• [Provided records]
* * *
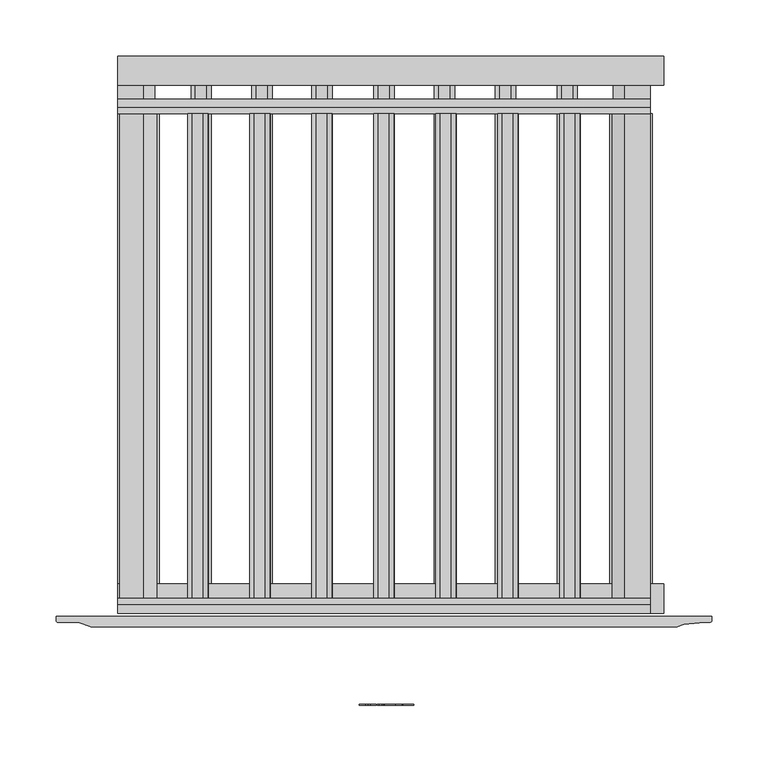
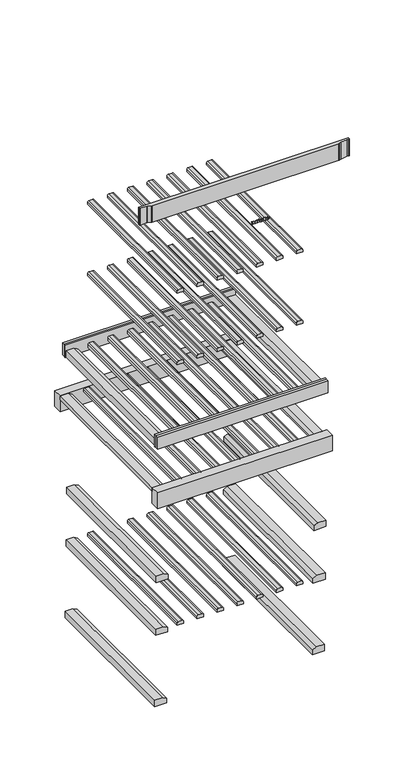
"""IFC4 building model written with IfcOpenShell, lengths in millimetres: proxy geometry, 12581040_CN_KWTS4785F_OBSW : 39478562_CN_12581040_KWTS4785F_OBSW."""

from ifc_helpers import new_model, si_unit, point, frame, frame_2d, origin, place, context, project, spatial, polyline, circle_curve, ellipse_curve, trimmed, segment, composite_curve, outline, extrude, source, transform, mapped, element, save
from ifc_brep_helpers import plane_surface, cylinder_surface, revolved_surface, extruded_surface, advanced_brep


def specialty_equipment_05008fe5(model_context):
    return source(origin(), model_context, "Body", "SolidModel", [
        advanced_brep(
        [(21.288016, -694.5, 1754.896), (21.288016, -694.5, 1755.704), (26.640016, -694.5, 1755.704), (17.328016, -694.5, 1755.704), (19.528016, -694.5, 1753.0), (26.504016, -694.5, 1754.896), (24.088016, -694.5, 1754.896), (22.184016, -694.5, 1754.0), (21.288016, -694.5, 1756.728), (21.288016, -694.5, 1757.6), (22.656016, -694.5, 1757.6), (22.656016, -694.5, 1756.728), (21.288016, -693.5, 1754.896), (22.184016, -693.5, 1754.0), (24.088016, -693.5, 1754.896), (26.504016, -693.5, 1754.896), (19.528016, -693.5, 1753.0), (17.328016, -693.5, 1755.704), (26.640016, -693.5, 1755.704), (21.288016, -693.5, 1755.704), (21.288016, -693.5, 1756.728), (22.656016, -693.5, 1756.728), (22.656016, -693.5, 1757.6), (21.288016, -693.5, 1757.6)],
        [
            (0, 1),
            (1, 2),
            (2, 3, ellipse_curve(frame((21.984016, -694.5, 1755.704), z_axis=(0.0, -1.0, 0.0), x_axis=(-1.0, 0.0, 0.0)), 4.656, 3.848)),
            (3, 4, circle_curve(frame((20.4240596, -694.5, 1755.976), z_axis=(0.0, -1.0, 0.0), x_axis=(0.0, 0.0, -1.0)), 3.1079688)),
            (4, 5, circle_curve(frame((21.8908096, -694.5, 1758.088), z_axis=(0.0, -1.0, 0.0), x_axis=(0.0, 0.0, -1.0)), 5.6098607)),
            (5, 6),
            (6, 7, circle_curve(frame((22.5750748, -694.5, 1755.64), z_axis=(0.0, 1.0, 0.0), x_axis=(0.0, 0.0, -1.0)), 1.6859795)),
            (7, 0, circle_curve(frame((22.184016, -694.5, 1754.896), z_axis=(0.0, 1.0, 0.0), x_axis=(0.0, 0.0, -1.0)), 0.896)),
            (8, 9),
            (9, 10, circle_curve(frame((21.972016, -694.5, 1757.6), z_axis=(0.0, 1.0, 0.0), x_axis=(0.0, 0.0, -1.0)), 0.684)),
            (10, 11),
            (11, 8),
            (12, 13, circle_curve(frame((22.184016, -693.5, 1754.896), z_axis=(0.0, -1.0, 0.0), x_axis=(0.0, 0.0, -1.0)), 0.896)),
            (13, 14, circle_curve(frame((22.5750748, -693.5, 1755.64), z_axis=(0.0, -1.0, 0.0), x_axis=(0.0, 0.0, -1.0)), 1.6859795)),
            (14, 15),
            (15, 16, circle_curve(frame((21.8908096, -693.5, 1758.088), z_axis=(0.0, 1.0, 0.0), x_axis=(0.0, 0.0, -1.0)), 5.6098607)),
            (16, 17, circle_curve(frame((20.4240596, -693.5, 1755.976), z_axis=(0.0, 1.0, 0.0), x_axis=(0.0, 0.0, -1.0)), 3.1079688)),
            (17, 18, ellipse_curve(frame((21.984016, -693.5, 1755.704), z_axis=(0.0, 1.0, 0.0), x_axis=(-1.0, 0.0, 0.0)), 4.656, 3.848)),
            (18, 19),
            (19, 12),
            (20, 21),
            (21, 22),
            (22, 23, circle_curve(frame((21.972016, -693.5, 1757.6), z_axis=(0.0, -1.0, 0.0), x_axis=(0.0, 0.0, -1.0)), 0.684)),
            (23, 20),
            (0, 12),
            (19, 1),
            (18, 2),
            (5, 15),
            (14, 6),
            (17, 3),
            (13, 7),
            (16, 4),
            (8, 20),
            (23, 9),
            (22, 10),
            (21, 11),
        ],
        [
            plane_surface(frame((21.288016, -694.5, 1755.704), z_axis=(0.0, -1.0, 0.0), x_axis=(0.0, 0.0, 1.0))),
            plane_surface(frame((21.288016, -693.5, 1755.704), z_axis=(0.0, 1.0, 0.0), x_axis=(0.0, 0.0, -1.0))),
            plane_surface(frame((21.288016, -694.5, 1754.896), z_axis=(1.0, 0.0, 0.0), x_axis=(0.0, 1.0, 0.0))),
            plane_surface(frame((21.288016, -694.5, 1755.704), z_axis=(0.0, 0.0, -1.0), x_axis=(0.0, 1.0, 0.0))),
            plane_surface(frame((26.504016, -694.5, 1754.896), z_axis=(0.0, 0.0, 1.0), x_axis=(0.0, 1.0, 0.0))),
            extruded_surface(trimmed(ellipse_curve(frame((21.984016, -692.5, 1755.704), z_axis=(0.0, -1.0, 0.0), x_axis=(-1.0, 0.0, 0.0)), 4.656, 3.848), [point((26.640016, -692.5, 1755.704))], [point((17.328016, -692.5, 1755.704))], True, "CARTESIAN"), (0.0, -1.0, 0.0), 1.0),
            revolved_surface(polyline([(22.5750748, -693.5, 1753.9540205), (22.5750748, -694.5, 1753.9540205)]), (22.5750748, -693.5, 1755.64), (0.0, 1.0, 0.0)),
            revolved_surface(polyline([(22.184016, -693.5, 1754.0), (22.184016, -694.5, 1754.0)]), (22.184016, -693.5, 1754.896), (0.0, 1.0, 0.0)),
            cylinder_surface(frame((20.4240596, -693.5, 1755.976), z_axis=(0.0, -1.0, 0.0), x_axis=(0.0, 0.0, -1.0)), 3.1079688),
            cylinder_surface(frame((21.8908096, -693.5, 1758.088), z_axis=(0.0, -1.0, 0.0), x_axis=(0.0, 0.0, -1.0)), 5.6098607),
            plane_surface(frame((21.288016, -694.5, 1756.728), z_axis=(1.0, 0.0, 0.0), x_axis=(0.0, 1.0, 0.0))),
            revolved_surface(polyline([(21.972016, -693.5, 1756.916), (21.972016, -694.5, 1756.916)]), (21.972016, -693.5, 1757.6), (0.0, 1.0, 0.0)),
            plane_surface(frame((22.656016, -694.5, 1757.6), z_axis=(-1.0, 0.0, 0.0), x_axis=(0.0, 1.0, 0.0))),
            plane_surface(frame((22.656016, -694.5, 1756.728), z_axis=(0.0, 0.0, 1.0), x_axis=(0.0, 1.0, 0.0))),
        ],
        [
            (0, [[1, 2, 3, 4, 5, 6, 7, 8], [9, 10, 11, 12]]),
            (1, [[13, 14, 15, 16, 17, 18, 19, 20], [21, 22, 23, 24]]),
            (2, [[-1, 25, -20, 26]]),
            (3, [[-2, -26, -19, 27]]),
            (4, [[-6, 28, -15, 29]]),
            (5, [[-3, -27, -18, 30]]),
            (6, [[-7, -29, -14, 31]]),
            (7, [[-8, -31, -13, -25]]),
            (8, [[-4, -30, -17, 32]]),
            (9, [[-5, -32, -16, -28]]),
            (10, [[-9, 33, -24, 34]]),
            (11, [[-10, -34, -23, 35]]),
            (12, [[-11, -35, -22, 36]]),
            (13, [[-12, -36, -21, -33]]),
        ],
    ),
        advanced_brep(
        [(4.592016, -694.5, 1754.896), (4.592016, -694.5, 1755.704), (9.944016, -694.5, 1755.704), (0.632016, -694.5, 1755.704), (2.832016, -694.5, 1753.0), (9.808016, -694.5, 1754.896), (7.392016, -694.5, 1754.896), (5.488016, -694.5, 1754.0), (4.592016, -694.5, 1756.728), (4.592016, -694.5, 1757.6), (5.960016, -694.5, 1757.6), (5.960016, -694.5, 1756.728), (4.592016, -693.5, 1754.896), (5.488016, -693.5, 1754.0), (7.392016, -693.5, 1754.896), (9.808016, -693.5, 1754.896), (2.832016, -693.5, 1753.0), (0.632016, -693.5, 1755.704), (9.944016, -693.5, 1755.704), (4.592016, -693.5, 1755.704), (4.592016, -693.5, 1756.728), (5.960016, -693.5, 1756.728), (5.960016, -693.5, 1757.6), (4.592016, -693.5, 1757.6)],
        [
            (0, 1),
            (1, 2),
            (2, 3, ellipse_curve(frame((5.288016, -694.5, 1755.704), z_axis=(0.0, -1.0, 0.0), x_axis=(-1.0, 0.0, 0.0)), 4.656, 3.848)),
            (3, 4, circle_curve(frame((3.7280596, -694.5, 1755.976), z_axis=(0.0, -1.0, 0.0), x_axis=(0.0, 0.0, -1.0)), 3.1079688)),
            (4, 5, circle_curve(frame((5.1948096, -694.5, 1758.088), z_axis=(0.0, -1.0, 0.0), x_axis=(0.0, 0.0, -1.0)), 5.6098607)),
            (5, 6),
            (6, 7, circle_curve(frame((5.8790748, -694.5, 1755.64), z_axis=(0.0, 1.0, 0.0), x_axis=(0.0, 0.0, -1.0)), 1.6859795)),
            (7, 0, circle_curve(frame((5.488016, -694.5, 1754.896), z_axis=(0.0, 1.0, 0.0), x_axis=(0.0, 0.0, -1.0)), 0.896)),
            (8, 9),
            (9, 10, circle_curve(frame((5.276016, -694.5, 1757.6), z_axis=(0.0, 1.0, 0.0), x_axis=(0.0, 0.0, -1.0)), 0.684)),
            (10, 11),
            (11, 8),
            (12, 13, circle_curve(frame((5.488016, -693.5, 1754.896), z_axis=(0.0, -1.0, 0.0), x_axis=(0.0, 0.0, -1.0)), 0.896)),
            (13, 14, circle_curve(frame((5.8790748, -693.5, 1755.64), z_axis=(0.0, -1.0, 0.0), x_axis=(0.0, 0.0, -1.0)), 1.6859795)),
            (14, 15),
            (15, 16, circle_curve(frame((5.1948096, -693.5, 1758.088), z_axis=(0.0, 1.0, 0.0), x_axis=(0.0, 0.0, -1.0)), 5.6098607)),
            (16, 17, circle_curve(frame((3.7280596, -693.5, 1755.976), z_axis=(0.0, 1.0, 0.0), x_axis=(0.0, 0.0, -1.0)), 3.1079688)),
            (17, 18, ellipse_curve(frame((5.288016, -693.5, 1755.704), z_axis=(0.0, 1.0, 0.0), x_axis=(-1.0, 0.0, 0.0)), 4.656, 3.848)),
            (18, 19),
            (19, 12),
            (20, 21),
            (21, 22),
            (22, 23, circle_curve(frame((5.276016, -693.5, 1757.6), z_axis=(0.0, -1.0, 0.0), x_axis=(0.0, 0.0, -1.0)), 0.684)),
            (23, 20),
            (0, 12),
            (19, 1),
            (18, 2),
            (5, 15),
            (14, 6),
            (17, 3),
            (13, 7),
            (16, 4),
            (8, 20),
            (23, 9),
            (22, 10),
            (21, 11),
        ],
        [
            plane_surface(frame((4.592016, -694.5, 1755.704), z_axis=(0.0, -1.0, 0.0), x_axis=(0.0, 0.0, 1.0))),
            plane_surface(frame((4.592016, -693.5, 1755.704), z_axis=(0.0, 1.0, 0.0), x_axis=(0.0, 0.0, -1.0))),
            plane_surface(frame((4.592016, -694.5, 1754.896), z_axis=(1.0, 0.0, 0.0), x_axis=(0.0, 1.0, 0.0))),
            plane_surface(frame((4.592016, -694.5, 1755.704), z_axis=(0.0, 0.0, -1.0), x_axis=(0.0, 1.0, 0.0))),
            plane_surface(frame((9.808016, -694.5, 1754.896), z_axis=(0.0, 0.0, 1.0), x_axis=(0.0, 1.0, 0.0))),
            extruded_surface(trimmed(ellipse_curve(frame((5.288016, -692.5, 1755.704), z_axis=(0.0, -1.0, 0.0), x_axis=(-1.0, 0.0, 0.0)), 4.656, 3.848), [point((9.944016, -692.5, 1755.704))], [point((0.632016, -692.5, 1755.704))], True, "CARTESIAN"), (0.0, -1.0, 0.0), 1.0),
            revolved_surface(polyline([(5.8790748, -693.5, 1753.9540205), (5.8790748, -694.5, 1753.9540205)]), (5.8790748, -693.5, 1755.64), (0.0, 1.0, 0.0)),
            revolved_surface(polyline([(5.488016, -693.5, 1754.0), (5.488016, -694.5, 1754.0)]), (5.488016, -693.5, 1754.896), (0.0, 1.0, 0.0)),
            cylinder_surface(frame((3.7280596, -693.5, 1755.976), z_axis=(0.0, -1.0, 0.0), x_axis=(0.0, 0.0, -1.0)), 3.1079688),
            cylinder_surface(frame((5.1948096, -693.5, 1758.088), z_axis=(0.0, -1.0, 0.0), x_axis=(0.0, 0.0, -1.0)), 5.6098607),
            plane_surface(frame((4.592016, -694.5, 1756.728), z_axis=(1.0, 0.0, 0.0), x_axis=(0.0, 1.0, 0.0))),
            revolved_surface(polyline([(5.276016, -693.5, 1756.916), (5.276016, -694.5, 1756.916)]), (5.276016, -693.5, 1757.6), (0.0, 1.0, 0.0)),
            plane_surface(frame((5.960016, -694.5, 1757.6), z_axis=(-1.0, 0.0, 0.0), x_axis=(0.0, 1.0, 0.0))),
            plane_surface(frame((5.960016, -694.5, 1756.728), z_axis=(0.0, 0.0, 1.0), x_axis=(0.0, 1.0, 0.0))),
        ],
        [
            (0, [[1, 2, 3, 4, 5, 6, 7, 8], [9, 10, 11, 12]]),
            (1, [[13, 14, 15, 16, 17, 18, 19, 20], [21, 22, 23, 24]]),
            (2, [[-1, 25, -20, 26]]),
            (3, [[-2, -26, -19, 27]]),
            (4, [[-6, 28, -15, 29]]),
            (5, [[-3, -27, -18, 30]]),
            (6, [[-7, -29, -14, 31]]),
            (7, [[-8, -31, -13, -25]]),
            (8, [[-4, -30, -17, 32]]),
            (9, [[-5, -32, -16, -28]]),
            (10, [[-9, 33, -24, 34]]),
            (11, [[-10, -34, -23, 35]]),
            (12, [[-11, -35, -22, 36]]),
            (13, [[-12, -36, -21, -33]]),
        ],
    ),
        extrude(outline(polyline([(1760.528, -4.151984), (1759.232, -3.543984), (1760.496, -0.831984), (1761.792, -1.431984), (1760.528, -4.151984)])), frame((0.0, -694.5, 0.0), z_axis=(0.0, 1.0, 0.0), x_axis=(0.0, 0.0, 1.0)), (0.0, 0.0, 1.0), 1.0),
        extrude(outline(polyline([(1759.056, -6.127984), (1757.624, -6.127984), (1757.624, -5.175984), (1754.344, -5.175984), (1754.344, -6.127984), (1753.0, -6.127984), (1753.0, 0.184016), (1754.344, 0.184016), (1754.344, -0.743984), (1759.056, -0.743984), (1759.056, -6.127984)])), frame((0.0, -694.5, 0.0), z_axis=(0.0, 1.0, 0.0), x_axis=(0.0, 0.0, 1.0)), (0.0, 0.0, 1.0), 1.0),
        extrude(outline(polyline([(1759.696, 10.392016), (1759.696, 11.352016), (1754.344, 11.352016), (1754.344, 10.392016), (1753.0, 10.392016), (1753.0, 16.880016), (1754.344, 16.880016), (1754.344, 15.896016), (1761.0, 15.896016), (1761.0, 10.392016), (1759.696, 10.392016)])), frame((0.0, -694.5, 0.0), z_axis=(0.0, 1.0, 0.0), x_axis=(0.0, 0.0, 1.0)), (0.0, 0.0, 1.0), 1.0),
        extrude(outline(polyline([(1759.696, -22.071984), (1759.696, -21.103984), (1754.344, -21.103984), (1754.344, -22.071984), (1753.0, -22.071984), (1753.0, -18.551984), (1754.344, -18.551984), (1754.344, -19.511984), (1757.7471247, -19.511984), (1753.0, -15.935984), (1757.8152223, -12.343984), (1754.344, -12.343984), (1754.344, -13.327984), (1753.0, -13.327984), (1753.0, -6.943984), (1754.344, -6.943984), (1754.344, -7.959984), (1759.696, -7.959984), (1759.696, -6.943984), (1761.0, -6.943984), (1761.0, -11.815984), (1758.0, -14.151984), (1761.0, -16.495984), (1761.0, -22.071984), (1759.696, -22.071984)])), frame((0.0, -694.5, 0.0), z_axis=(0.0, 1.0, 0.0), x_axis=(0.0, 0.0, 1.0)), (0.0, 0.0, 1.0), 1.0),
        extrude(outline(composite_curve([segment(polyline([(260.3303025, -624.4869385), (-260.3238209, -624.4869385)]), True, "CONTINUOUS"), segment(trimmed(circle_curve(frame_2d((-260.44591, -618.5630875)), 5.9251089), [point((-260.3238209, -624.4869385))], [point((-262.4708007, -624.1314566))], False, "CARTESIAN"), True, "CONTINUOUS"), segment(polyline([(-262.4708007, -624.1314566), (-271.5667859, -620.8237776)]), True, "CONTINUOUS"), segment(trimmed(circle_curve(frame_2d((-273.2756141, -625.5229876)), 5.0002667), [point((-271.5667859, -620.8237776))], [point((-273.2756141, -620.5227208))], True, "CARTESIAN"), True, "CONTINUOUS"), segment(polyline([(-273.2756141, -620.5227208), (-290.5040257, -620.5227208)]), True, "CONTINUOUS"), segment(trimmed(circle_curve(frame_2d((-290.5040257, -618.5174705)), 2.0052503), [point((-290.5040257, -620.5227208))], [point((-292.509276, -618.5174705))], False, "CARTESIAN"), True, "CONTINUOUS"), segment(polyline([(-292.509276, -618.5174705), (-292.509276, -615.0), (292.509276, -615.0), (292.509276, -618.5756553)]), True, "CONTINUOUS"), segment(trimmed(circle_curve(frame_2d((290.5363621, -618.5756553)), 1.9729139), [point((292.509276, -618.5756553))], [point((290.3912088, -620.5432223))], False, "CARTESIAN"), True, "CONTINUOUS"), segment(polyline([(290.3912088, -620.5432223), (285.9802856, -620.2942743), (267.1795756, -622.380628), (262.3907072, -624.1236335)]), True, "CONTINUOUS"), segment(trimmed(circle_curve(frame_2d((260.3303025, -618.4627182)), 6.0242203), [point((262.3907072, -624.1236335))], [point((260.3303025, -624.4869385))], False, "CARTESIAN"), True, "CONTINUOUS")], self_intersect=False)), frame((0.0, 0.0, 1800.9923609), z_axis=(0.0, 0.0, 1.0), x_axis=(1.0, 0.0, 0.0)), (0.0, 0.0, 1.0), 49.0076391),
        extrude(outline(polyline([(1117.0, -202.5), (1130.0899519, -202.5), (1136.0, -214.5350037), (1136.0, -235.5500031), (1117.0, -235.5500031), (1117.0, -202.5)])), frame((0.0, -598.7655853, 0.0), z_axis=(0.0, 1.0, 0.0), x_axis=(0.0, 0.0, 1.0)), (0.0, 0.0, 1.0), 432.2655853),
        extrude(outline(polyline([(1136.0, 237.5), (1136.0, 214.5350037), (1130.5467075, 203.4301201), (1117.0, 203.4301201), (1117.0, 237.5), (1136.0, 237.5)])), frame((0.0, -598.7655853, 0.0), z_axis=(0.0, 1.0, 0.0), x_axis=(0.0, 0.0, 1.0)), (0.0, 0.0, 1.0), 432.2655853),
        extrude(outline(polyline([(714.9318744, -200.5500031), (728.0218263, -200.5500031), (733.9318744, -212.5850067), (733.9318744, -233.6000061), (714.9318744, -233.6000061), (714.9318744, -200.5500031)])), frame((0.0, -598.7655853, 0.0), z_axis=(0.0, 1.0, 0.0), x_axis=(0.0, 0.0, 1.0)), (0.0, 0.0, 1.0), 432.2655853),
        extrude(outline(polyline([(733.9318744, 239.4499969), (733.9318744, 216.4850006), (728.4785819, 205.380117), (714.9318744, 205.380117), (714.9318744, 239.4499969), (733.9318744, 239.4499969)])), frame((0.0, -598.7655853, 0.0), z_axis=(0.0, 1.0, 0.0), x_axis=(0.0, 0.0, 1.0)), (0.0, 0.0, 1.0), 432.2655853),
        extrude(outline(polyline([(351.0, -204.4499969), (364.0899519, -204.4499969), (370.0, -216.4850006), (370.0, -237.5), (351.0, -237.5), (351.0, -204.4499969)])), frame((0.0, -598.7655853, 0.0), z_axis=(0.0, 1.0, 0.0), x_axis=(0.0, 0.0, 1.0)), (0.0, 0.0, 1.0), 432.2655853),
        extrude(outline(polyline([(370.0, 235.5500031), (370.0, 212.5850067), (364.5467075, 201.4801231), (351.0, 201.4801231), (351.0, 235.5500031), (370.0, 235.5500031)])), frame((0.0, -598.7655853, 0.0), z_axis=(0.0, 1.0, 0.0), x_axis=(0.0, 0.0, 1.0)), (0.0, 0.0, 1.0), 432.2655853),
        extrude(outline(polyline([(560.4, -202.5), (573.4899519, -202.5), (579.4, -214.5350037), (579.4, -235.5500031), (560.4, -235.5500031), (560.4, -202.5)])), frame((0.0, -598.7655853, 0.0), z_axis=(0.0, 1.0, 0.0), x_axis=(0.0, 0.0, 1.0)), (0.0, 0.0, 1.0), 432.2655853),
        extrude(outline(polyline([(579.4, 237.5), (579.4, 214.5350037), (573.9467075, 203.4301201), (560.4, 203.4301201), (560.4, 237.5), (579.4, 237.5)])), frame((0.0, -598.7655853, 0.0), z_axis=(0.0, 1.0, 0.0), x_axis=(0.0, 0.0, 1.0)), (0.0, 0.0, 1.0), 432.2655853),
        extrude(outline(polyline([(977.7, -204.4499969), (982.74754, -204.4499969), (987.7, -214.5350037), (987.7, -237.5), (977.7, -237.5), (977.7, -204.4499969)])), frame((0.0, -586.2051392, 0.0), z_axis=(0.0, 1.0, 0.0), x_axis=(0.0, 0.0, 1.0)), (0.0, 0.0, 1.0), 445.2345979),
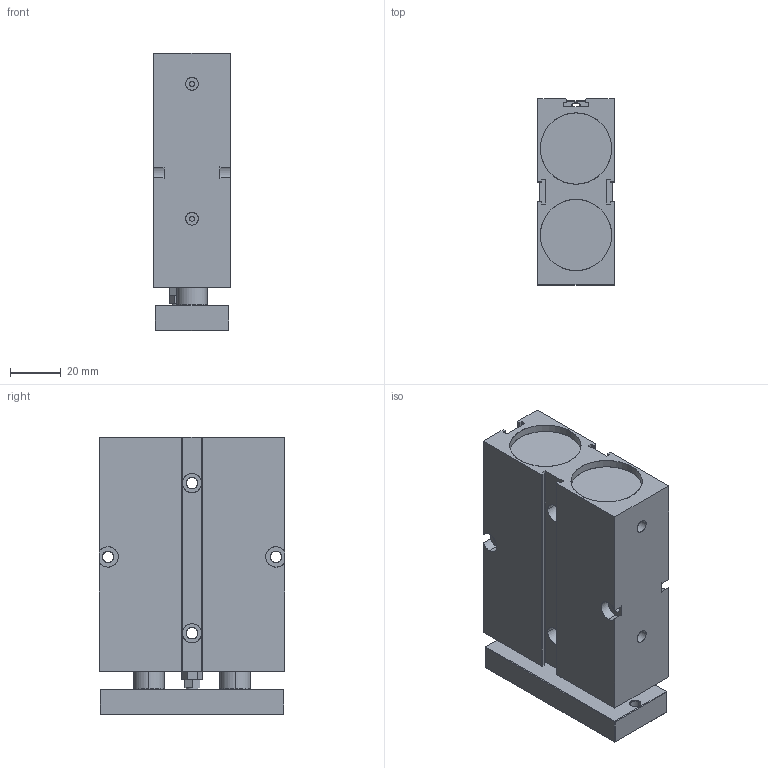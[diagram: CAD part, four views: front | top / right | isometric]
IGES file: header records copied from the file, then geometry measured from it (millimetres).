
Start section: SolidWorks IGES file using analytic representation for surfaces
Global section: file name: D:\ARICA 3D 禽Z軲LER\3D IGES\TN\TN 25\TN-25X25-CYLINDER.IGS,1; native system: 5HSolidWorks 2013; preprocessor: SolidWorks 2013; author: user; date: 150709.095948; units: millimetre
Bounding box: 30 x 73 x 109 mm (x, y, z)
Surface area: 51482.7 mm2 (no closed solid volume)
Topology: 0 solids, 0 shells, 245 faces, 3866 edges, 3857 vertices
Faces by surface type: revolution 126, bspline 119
* * *
In the entries, find every line holding "source" and copy it.

from ifc_helpers import new_model, si_unit, point, frame, frame_2d, origin, place, context, project, spatial, polyline, circle_curve, ellipse_curve, trimmed, segment, composite_curve, outline, extrude, source, transform, mapped, element, save
    return source(origin(), model_context, "Body", "SolidModel", [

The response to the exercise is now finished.